Korean payment app Toss has seen its popularity explode since launching in 2015. The app, a product of startup Viva Republica, came up with a way to side-step South Korea’s cumbersome online payment system by allowing users to make payments and transfers in just three steps. Toss now boasts more than 10 million users and has since expanded to include credit, loan, insurance and investment services. Viva Republica highlighted their app’s growth by announcing this week they have raised $80 million in new funding. The investment puts the company at a valuation of $1.2 billion, making it just the fourth unicorn startup in the country. Viva Republica, which has raised $200 million to date, says it plans to use the funds to establish a securities brokerage business and expand across Southeast Asia.

The plant butcher

Plant-based diets are more popular than ever, but enjoying meals that champion high-quality meat alternatives often requires ordering online or visiting vegan restaurants. That’s about to change for residents of Halifax, Canada, where Real Fake Meats is set to open its doors next week. The city’s first vegan butcher shop focuses on home cooking and is owned by Lauren Marshall, a seasoned chef who uses a variety of ingredients and cooking techniques to create tasty vegetable-based versions of bacon, turkey, beef and even cheese. Real Fake Meats started as an online store in May, but demand has been so high that the company decided to open a brick-and-mortar location as well.
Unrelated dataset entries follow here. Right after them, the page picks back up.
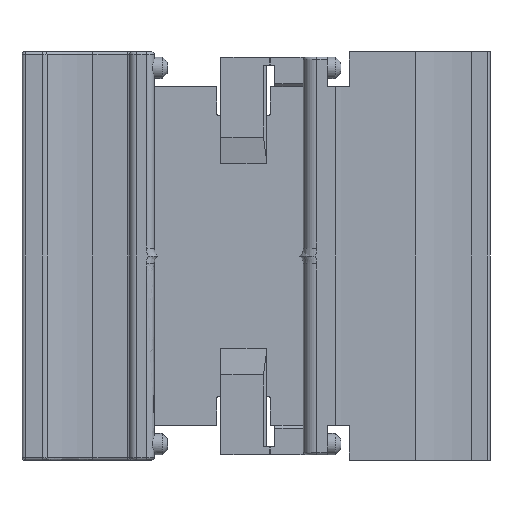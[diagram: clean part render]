
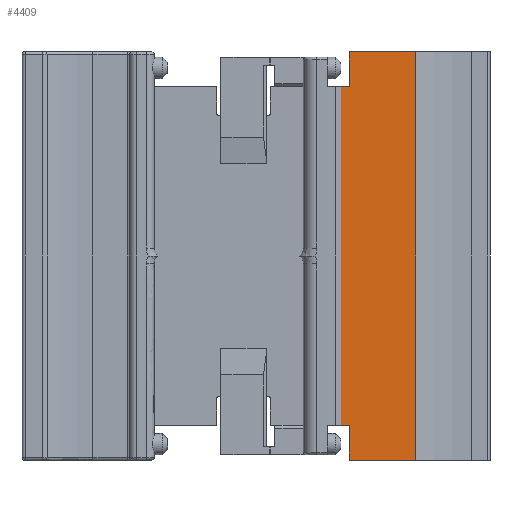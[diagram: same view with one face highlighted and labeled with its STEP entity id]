
A CAD part, front view. The second image highlights one B-rep face of the part: STEP entity #4409.
In plain terms, the highlighted planar face has unit normal (0, -1, 0).
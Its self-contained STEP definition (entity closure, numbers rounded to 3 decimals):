
#3246=CARTESIAN_POINT('',(225.561,163.797,100.));
#3247=VERTEX_POINT('',#3246);
#3248=CARTESIAN_POINT('',(225.561,163.797,106.5));
#3249=VERTEX_POINT('',#3248);
#3250=CARTESIAN_POINT('',(225.561,163.797,100.));
#3251=DIRECTION('',(0.0,0.0,1.0));
#3252=VECTOR('',#3251,6.5);
#3253=LINE('',#3250,#3252);
#3254=EDGE_CURVE('',#3247,#3249,#3253,.T.);
#3286=CARTESIAN_POINT('',(223.962,163.797,106.5));
#3287=VERTEX_POINT('',#3286);
#3288=CARTESIAN_POINT('',(225.561,163.797,106.5));
#3289=DIRECTION('',(-1.0,0.0,0.0));
#3290=VECTOR('',#3289,1.6);
#3291=LINE('',#3288,#3290);
#3292=EDGE_CURVE('',#3249,#3287,#3291,.T.);
#3539=CARTESIAN_POINT('',(238.014,163.797,100.));
#3540=VERTEX_POINT('',#3539);
#3548=CARTESIAN_POINT('',(238.014,163.797,100.));
#3549=DIRECTION('',(-1.0,0.0,0.0));
#3550=VECTOR('',#3549,12.453);
#3551=LINE('',#3548,#3550);
#3552=EDGE_CURVE('',#3540,#3247,#3551,.T.);
#4349=CARTESIAN_POINT('',(223.962,163.797,170.1));
#4350=VERTEX_POINT('',#4349);
#4351=CARTESIAN_POINT('',(223.962,163.797,106.5));
#4352=DIRECTION('',(0.0,0.0,1.0));
#4353=VECTOR('',#4352,63.6);
#4354=LINE('',#4351,#4353);
#4355=EDGE_CURVE('',#3287,#4350,#4354,.T.);
#4368=CARTESIAN_POINT('',(238.014,163.797,0.0));
#4369=DIRECTION('',(0.0,-1.0,0.0));
#4370=DIRECTION('',(0.0,0.0,-1.0));
#4371=AXIS2_PLACEMENT_3D('',#4368,#4369,#4370);
#4372=PLANE('',#4371);
#4373=CARTESIAN_POINT('',(238.014,163.797,176.6));
#4374=VERTEX_POINT('',#4373);
#4375=CARTESIAN_POINT('',(238.014,163.797,100.));
#4376=DIRECTION('',(0.0,0.0,1.0));
#4377=VECTOR('',#4376,76.6);
#4378=LINE('',#4375,#4377);
#4379=EDGE_CURVE('',#3540,#4374,#4378,.T.);
#4380=ORIENTED_EDGE('',*,*,#4379,.T.);
#4381=CARTESIAN_POINT('',(225.561,163.797,176.6));
#4382=VERTEX_POINT('',#4381);
#4383=CARTESIAN_POINT('',(238.014,163.797,176.6));
#4384=DIRECTION('',(-1.0,0.0,0.0));
#4385=VECTOR('',#4384,12.453);
#4386=LINE('',#4383,#4385);
#4387=EDGE_CURVE('',#4374,#4382,#4386,.T.);
#4388=ORIENTED_EDGE('',*,*,#4387,.T.);
#4389=CARTESIAN_POINT('',(225.561,163.797,170.1));
#4390=VERTEX_POINT('',#4389);
#4391=CARTESIAN_POINT('',(225.561,163.797,176.6));
#4392=DIRECTION('',(0.0,0.0,-1.0));
#4393=VECTOR('',#4392,6.5);
#4394=LINE('',#4391,#4393);
#4395=EDGE_CURVE('',#4382,#4390,#4394,.T.);
#4396=ORIENTED_EDGE('',*,*,#4395,.T.);
#4397=CARTESIAN_POINT('',(225.561,163.797,170.1));
#4398=DIRECTION('',(-1.0,0.0,0.0));
#4399=VECTOR('',#4398,1.6);
#4400=LINE('',#4397,#4399);
#4401=EDGE_CURVE('',#4390,#4350,#4400,.T.);
#4402=ORIENTED_EDGE('',*,*,#4401,.T.);
#4403=ORIENTED_EDGE('',*,*,#4355,.F.);
#4404=ORIENTED_EDGE('',*,*,#3292,.F.);
#4405=ORIENTED_EDGE('',*,*,#3254,.F.);
#4406=ORIENTED_EDGE('',*,*,#3552,.F.);
#4407=EDGE_LOOP('',(#4380,#4388,#4396,#4402,#4403,#4404,#4405,#4406));
#4408=FACE_OUTER_BOUND('',#4407,.T.);
#4409=ADVANCED_FACE('',(#4408),#4372,.T.);
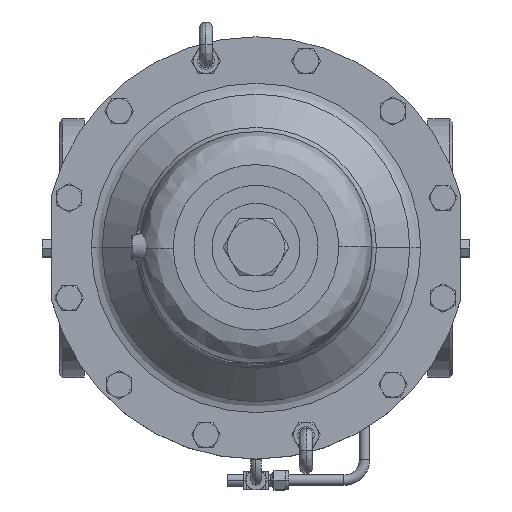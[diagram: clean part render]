
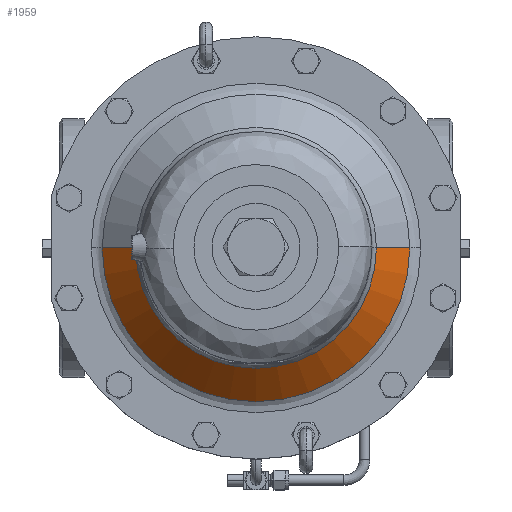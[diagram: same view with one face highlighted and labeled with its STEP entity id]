
A CAD part, top view. The second image highlights one B-rep face of the part: STEP entity #1959.
In plain terms, the highlighted free-form (B-spline) face has degree [2, 1] with [5, 2] control points.
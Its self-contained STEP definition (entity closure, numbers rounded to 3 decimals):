
#1959=ADVANCED_FACE('',(#7083),#7082,.T.);
#7082=( BOUNDED_SURFACE() B_SPLINE_SURFACE( 2,1,((#14319,#14320),(#14321,#14322),(#14323,#14324),(#14325,#14326),(#14327,#14328)), .UNSPECIFIED.,.F.,.F.,.F.) B_SPLINE_SURFACE_WITH_KNOTS((3,2,3),(2,2),(0.,0.5,1.),(0.,1.), .UNSPECIFIED. ) GEOMETRIC_REPRESENTATION_ITEM() RATIONAL_B_SPLINE_SURFACE(((1.,1.),(0.707,0.707),(1.,1.),(0.707,0.707),(1.,1.))) REPRESENTATION_ITEM('') SURFACE() );
#7083=FACE_OUTER_BOUND('',#14329,.T.);
#14319=CARTESIAN_POINT('',(0.,0.,186.971));
#14320=CARTESIAN_POINT('',(210.12,0.,-23.149));
#14321=CARTESIAN_POINT('',(0.,0.,186.971));
#14322=CARTESIAN_POINT('',(210.12,-210.12,-23.149));
#14323=CARTESIAN_POINT('',(0.,0.,186.971));
#14324=CARTESIAN_POINT('',(0.,-210.12,-23.149));
#14325=CARTESIAN_POINT('',(0.,0.,186.971));
#14326=CARTESIAN_POINT('',(-210.12,-210.12,-23.149));
#14327=CARTESIAN_POINT('',(0.,0.,186.971));
#14328=CARTESIAN_POINT('',(-210.12,0.,-23.149));
#14329=EDGE_LOOP('',(#17881,#17882,#17883,#17884));
#17881=ORIENTED_EDGE('',*,*,#19739,.T.);
#17882=ORIENTED_EDGE('',*,*,#19736,.T.);
#17883=ORIENTED_EDGE('',*,*,#19735,.F.);
#17884=ORIENTED_EDGE('',*,*,#19738,.F.);
#19735=EDGE_CURVE('',#28382,#28375,#28395,.T.);
#19736=EDGE_CURVE('',#28401,#28375,#28402,.T.);
#19738=EDGE_CURVE('',#28408,#28382,#28415,.T.);
#19739=EDGE_CURVE('',#28408,#28401,#28421,.T.);
#28375=VERTEX_POINT('',#37208);
#28382=VERTEX_POINT('',#37212);
#28395=CIRCLE('',#37223,148.577);
#28401=VERTEX_POINT('',#37224);
#28402=(BOUNDED_CURVE() B_SPLINE_CURVE(1,(#37225,#37226),.UNSPECIFIED.,.F.,.F.) B_SPLINE_CURVE_WITH_KNOTS((2,2),(0.554,0.707),.UNSPECIFIED.) CURVE() GEOMETRIC_REPRESENTATION_ITEM() RATIONAL_B_SPLINE_CURVE((1.,1.)) REPRESENTATION_ITEM('') );
#28408=VERTEX_POINT('',#37227);
#28415=(BOUNDED_CURVE() B_SPLINE_CURVE(1,(#37232,#37233),.UNSPECIFIED.,.F.,.F.) B_SPLINE_CURVE_WITH_KNOTS((2,2),(0.554,0.707),.UNSPECIFIED.) CURVE() GEOMETRIC_REPRESENTATION_ITEM() RATIONAL_B_SPLINE_CURVE((0.75,0.75)) REPRESENTATION_ITEM('') );
#28421=CIRCLE('',#37237,116.393);
#37208=CARTESIAN_POINT('',(-148.577,0.,38.393));
#37212=CARTESIAN_POINT('',(148.577,0.,38.393));
#37220=CARTESIAN_POINT('',(0.,0.,38.393));
#37221=DIRECTION('',(0.,0.,-1.));
#37222=DIRECTION('',(-1.,0.,0.));
#37223=AXIS2_PLACEMENT_3D('',#37220,#37221,#37222);
#37224=CARTESIAN_POINT('',(-116.393,0.,70.577));
#37225=CARTESIAN_POINT('',(-116.393,0.,70.577));
#37226=CARTESIAN_POINT('',(-148.577,0.,38.393));
#37227=CARTESIAN_POINT('',(116.393,0.,70.577));
#37232=CARTESIAN_POINT('',(116.393,0.,70.577));
#37233=CARTESIAN_POINT('',(148.577,0.,38.393));
#37234=CARTESIAN_POINT('',(0.,0.,70.577));
#37235=DIRECTION('',(0.,0.,-1.));
#37236=DIRECTION('',(-1.,0.,0.));
#37237=AXIS2_PLACEMENT_3D('',#37234,#37235,#37236);

Opening just in time for the holidays, the shop eventually hopes to offer ready-made food items as well as products for wholesale.

Connecting smart cities

Blackberry announced this week it is launching a service to help connect vehicles with smart city infrastructure. The mobile communications giant said it is “helping the private and public sectors come together” by offering the technology, which will debut in Canada, without service fees to automakers and public authorities. While Blackberry has been tight-lipped on the details, the idea of the service is to provide a secure mechanism for vehicles to share information with city infrastructure, such as traffic lights. Blackberry, a leader in tech security, said that having a safe way to transmit traffic data is necessary for the public and civil authorities to feel assured the information they receive is trustworthy. This will become even more important as city streets become increasingly populated by driverless cars. “By removing barriers such as security, privacy, and cost,” said CEO John Chen, Blackberry’s new service “will help accelerate the many smart city and connected vehicle pilot programs taking place around the world.”